Exercise directions
The lines from the start of the data up to and including the one with "building model written" should be returned exactly, and nothing else.

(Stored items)
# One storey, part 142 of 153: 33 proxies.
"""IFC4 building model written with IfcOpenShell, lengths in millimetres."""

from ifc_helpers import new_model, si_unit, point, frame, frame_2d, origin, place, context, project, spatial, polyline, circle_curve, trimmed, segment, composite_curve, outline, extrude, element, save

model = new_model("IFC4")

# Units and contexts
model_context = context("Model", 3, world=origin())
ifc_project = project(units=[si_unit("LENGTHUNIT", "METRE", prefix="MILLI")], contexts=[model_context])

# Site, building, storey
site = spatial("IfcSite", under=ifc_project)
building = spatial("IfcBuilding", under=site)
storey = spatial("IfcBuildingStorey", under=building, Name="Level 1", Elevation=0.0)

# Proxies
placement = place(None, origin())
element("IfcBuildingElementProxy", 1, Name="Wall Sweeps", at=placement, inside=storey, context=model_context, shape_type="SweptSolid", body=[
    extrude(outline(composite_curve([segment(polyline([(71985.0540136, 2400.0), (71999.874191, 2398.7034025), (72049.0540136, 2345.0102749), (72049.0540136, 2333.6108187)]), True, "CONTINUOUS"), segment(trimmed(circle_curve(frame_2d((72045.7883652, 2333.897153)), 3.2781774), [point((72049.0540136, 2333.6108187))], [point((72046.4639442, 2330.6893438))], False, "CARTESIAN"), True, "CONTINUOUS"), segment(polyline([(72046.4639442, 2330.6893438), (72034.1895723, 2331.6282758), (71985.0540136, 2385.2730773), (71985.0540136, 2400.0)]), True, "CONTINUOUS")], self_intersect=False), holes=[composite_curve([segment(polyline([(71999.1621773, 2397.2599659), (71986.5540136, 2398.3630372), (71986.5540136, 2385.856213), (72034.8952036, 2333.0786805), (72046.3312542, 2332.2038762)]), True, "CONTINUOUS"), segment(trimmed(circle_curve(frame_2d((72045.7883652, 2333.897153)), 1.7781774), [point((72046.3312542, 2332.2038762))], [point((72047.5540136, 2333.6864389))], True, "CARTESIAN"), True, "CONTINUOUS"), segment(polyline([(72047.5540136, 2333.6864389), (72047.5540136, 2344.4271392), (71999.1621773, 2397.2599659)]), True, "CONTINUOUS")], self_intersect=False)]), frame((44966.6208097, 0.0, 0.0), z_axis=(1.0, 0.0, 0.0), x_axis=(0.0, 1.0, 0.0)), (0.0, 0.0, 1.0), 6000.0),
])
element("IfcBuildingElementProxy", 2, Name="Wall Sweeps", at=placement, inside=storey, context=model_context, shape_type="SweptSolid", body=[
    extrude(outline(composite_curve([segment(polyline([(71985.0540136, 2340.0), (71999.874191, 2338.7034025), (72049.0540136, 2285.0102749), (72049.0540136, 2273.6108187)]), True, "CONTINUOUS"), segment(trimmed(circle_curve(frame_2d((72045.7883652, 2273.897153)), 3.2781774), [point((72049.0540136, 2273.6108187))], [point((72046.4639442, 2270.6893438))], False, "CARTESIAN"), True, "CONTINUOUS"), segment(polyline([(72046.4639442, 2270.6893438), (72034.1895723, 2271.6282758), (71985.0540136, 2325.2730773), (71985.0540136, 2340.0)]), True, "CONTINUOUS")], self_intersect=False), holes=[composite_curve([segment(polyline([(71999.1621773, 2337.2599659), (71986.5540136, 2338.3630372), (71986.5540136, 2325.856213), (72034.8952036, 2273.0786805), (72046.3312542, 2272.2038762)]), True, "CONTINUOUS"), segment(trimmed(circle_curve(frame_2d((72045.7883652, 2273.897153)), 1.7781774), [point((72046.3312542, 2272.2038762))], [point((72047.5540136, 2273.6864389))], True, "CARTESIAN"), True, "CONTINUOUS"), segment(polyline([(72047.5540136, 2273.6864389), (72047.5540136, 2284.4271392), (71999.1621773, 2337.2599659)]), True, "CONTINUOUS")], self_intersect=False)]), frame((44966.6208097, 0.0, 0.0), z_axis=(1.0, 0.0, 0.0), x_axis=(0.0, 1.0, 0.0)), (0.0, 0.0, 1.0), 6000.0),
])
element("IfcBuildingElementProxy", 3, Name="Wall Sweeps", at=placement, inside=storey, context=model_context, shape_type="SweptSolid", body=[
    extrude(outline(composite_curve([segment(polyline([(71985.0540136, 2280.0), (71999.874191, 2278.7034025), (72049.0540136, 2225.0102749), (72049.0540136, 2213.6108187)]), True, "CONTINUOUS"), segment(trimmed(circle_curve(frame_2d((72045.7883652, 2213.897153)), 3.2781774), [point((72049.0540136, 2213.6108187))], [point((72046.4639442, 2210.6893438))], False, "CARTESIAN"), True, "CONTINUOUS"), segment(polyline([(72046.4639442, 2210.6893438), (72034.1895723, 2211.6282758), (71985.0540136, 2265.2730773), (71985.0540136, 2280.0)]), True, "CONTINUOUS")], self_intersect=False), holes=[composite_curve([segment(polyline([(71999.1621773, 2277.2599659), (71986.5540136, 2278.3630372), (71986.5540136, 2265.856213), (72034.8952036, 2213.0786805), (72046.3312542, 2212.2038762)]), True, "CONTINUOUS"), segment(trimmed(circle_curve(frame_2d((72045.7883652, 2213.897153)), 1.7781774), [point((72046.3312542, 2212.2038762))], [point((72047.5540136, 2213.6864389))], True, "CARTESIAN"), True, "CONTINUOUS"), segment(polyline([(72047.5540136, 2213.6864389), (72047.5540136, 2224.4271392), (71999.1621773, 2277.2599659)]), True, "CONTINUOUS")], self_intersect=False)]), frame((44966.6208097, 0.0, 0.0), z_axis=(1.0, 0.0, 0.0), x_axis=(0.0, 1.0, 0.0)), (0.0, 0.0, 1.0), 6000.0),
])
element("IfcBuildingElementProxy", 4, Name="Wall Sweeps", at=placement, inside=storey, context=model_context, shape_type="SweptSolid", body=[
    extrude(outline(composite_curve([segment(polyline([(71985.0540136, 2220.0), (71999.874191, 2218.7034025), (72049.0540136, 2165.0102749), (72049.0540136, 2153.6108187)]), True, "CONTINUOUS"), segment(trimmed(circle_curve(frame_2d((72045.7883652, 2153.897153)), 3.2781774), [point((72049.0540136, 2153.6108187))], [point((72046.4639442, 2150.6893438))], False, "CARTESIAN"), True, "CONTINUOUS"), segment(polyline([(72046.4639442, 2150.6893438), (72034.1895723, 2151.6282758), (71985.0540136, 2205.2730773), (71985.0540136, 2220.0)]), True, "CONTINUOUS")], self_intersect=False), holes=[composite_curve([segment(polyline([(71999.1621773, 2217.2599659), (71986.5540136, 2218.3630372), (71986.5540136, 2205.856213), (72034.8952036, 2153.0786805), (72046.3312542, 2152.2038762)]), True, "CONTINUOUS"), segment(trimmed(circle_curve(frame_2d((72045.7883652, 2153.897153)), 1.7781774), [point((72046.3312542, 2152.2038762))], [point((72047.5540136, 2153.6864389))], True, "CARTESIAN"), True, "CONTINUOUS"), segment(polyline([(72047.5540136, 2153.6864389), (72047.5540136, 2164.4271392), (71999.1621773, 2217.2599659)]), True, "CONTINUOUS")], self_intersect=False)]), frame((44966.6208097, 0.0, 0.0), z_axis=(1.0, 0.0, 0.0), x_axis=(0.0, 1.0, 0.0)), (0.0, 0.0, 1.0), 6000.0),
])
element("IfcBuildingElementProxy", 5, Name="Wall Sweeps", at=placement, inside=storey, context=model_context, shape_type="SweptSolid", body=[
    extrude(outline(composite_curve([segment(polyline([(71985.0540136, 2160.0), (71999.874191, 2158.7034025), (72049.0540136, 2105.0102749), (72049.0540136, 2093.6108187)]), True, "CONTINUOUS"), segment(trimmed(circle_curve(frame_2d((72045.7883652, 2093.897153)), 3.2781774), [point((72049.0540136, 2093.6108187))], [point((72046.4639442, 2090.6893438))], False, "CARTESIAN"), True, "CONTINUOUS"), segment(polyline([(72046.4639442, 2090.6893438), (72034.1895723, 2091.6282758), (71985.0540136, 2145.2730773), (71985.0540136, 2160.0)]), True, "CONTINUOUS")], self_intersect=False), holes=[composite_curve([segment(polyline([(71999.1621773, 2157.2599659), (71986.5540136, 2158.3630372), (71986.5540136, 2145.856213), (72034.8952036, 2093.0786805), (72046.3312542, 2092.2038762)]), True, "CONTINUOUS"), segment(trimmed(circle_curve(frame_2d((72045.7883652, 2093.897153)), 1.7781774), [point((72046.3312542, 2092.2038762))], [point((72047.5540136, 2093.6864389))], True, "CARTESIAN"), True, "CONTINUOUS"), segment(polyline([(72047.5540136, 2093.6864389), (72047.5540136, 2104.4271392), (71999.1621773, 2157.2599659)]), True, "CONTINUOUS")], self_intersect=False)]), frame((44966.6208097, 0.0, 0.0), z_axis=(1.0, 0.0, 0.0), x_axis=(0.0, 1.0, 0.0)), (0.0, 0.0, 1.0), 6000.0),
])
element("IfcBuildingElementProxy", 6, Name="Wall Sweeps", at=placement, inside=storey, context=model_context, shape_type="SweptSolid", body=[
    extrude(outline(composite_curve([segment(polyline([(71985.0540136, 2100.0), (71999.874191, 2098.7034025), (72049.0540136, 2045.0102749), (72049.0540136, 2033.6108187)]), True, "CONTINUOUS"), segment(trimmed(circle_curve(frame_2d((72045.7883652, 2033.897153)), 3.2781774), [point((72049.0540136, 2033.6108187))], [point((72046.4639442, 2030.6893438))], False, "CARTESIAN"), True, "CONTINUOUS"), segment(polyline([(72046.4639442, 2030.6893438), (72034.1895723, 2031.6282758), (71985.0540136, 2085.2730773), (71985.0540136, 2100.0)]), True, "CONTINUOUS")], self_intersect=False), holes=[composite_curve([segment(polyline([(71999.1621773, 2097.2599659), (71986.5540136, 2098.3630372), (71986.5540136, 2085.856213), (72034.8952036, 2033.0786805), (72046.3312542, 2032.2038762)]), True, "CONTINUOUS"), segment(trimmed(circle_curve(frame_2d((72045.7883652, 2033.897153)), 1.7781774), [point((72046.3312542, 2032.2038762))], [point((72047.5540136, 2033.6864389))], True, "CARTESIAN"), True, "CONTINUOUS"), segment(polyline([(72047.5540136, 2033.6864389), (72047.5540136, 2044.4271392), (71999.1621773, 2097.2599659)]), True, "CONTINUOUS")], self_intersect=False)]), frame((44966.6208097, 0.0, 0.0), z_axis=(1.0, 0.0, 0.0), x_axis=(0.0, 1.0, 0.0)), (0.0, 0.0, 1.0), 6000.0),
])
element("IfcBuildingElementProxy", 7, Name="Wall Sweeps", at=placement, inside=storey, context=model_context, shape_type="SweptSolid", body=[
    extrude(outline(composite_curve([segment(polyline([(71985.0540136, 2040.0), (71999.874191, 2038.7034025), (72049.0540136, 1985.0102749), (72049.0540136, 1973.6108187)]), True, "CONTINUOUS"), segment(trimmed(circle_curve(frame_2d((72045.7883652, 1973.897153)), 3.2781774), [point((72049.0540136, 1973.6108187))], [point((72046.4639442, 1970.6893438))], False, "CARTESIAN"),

Solution to the problem
# One storey, part 142 of 153: 33 proxies.
"""IFC4 building model written with IfcOpenShell, lengths in millimetres."""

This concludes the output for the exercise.